Could you print the lines below exactly, from the one holding "height=5, dxfattribs=at).set_placement((1283674.73, 404879.59))" through the last line, with no other output?

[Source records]
- - -

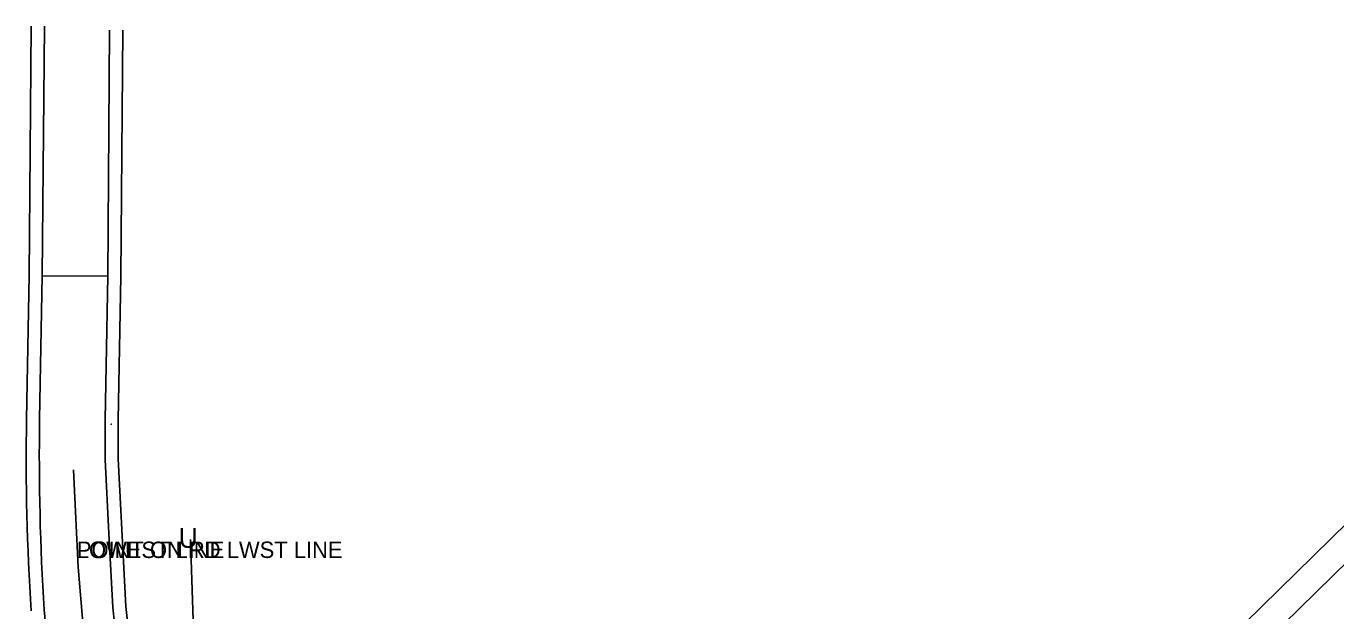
# Model space of a CAD drawing. Extents: x 1282810 to 1284464, y 402460 to 405899.
# Drawn here: x 1283659.3 to 1284058.4, y 404863.5 to 405041.7 of the extents above; entities that cross this region are included whole.
import ezdxf

# ---------------------------------------------------------------- set-up
doc = ezdxf.new("R2010")
doc.units = 0
for name, color, linetype in [('Default', 7, 'Continuous'), ('MOT_Proposed Road_Stage 2', 7, 'Continuous'), ('MOT_Shld_Stage 2', 7, 'Continuous'), ('S_EDGE_PAVEMENT', 7, 'Continuous'), ('S_ELECTRIC_UTILITIES_ANNOT', 7, 'Continuous'), ('S_MSC_PT_SYM', 7, 'Continuous'), ('S_PAVEMENT_CROWN', 7, 'Continuous'), ('S_SHOULDER', 7, 'Continuous'), ('S_SURVEY_TEXT_ANNOT', 7, 'Continuous'), ('S_UNDERGROUND_CABLE', 7, 'Continuous'), ('S_UTL_PT_SYM', 7, 'Continuous')]:
    doc.layers.add(name, color=color, linetype=linetype)

msp = doc.modelspace()

# ---------------------------------------------------------------- linework, layer by layer
at = {"layer": 'MOT_Proposed Road_Stage 2'}
for q in [(1283663.4, 404921.92), (1283684.16, 404965.5)]:
    msp.add_line((1283664.16, 404965.64), q, dxfattribs=at)
for points in [[(1283683.36, 404909.58), (1283683.32, 404921.78), (1283684.16, 404965.5)], [(1283683.36, 404909.58), (1283684.52, 404887.05), (1283685.68, 404864.53), (1283688.07, 404842.56), (1283690.46, 404820.59), (1283695.16, 404797.49), (1283699.85, 404774.39), (1283705.86, 404754.34), (1283711.86, 404734.29), (1283717.93, 404717.85), (1283724, 404701.42), (1283734.19, 404680.26), (1283747.72, 404660.7), (1283757.62, 404653.05), (1283767.51, 404645.4), (1283780.09, 404642.18), (1283792.68, 404638.97), (1283809.12, 404640.98), (1283825.72, 404649.39), (1283836.19, 404657.81), (1283846.65, 404666.23)]]:
    msp.add_lwpolyline(points, dxfattribs=at)
for centre, radius, start, end in [((1284368.45, 404909.96), 705.15, 179.02775, 183.75514), ((1284368.31, 404916.78), 705.49, 184.30872, 189.89583)]:
    msp.add_arc(centre, radius, start, end, dxfattribs=at)
at = {"layer": 'MOT_Shld_Stage 2'}
msp.add_line((1283660.16, 404965.67), (1283659.4, 404921.95), dxfattribs=at)
msp.add_arc((1284368.45, 404909.96), 709.15, 179.02775, 183.75514, dxfattribs=at)
at = {"layer": 'S_EDGE_PAVEMENT'}
msp.add_line((1283941.7, 404760.75), (1284151.8, 404966.56), dxfattribs=at)
for points in [[(1283664.16, 404965.64), (1283664.85, 405041.69)], [(1283684.16, 404965.5), (1283684.73, 405040.5)], [(1283683.36, 404909.58), (1283684.52, 404887.05), (1283685.68, 404864.53), (1283688.07, 404842.56), (1283690.46, 404820.59), (1283695.16, 404797.49), (1283699.85, 404774.39), (1283705.86, 404754.34), (1283711.86, 404734.29), (1283717.93, 404717.85), (1283724, 404701.42), (1283734.19, 404680.26), (1283747.72, 404660.7), (1283757.62, 404653.05), (1283767.51, 404645.4), (1283780.09, 404642.18), (1283792.68, 404638.97), (1283809.12, 404640.98), (1283825.72, 404649.39), (1283836.19, 404657.81), (1283846.65, 404666.23)]]:
    msp.add_lwpolyline(points, dxfattribs=at)
at = {"layer": 'S_MSC_PT_SYM'}
msp.add_lwpolyline([(1283674.73, 404884.6), (1283674.73, 404884.65), (1283674.73, 404884.6), (1283674.68, 404884.6), (1283674.73, 404884.6), (1283674.73, 404884.55), (1283674.73, 404884.6), (1283674.78, 404884.6)], dxfattribs=at)
at = {"layer": 'S_PAVEMENT_CROWN'}
msp.add_lwpolyline([(1283763.06, 404581.02), (1283757.18, 404587.96), (1283744.84, 404602.59), (1283735.46, 404615.11), (1283727.38, 404629.8), (1283720.71, 404648.55), (1283716.16, 404664.6), (1283711.6, 404680.66), (1283706.63, 404699.87), (1283701.66, 404719.08), (1283696.55, 404740.81), (1283691.44, 404762.55), (1283688.17, 404778.09), (1283684.91, 404793.63), (1283681.52, 404817.08), (1283678.14, 404840.54), (1283676.65, 404858.67), (1283675.16, 404876.81), (1283674.46, 404891.63), (1283673.76, 404906.45)], dxfattribs=at)
at = {"layer": 'S_SHOULDER'}
msp.add_line((1283916.97, 404748.07), (1284145.73, 404972.68), dxfattribs=at)
for points in [[(1283660.16, 404965.67), (1283660.85, 405041.72)], [(1283687.36, 404909.59), (1283687.32, 404921.74), (1283688.15, 404965.44), (1283688.73, 405040.47)], [(1283687.35, 404909.78), (1283689.67, 404864.85), (1283694.42, 404821.2), (1283697.76, 404804.78)]]:
    msp.add_lwpolyline(points, dxfattribs=at)
at = {"layer": 'S_UNDERGROUND_CABLE'}
msp.add_line((1283711.08, 404830.54), (1283709.4, 404885.24), dxfattribs=at)
at = {"layer": 'S_UTL_PT_SYM'}
for points in [[(1283685.22, 404920.39), (1283685.22, 404920.44), (1283685.22, 404920.39), (1283685.17, 404920.39), (1283685.22, 404920.39), (1283685.22, 404920.34), (1283685.22, 404920.39), (1283685.27, 404920.39)], [(1283674.73, 404884.59), (1283674.73, 404884.64), (1283674.73, 404884.59), (1283674.68, 404884.59), (1283674.73, 404884.59), (1283674.73, 404884.54), (1283674.73, 404884.59), (1283674.78, 404884.59)]]:
    msp.add_lwpolyline(points, dxfattribs=at)

# ---------------------------------------------------------------- texts
at = {"layer": 'Default'}
msp.add_text('U', height=6, rotation=360, dxfattribs=at).set_placement((1283705.77, 404882.7))
at = {"layer": 'S_ELECTRIC_UTILITIES_ANNOT'}
msp.add_text('LOWEST LINE', height=5, dxfattribs=at).set_placement((1283674.73, 404879.59))
at = {"layer": 'S_SURVEY_TEXT_ANNOT'}
msp.add_text('POINT ON RD LWST LINE', height=5, dxfattribs=at).set_placement((1283674.73, 404879.6))

doc.saveas('drawing.dxf')

- - -

[TASK ANSWER]
msp.add_text('LOWEST LINE', height=5, dxfattribs=at).set_placement((1283674.73, 404879.59))
at = {"layer": 'S_SURVEY_TEXT_ANNOT'}
msp.add_text('POINT ON RD LWST LINE', height=5, dxfattribs=at).set_placement((1283674.73, 404879.6))

doc.saveas('drawing.dxf')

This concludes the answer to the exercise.